There wasn't a lot of love for "Buster's Sugartime," an innocuously titled children's book that tangentially featured" gasp and horror " same-sex parents.

According to the Tulsa World, parents asked the Union Public Schools Board of Education's Materials Review Committee to review the book in October 2009.

After the committee voted to keep the book on the shelf, parents Don and Mary Danz appealed the ruling, saying the reference to two moms was not appropriate for elementary kids.

"Buster's Sugartime," by Marc Brown, is based on the PBS series "Postcards from Buster," which features an anthropomorphic rabbit. The book specifically comes from a 2005 episode where Buster visits Vermont (that safe haven of hippies everywhere) to see how maple syrup is made.

While there, he hangs out with kids who have two mommies.

Don Danz, who is an attorney, argued that the book shouldn't be removed because of a religious or moral view (of course not), but because it "advocated a practice that is not recognized under Oklahoma's Constitution," according to the World.

Union schools superintendent Cathy Burden argued for the book, saying if the board used Danz's logic, then many more books would have to be removed from the shelves.

"If legality in Oklahoma was an issue we were to use in criteria, then we would have to get rid of a lot of books in our library referencing things like pirates and robbers and cattle rustlers," she said.

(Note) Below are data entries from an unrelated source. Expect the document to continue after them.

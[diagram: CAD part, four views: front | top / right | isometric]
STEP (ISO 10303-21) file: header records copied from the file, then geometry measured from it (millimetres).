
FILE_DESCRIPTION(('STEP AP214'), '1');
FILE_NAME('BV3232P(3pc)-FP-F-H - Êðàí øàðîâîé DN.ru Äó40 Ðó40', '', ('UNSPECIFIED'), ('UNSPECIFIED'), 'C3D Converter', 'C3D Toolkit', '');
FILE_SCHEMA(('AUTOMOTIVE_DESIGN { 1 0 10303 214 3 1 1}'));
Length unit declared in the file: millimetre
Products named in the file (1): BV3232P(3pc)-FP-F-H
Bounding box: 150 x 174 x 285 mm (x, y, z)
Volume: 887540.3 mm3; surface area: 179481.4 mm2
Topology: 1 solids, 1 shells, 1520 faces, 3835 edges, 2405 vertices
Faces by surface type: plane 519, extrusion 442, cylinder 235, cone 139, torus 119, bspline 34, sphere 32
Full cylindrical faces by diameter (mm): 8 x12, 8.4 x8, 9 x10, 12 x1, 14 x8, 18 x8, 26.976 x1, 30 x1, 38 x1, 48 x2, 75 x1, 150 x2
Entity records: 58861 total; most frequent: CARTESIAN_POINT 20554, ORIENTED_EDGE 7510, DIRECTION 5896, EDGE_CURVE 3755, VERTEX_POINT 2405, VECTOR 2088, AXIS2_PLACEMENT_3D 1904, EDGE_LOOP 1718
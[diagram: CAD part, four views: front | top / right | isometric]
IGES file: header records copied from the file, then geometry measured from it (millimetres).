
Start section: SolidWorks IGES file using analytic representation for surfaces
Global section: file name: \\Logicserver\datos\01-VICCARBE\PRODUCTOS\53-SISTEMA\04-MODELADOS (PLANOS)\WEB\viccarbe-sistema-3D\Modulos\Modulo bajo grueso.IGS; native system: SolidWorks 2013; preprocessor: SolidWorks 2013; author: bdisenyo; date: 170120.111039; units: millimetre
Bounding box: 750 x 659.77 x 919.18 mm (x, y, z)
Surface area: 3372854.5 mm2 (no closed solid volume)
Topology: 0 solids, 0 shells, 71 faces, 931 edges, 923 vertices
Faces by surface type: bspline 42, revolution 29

And who doesn't love reading about a little cattle rustling? Board member Ed Payton echoed that reasoning.

"I recently re-read a book I first read when I was in elementary school," he said. "The main characters were engaged in burglary, theft and criminal fraud, and we would have to take that book off the shelf."

The book?

"Huck Finn," he said. And Payton FTW.

The World reported that the board of education ruled 3-1 last week to keep the book in the library.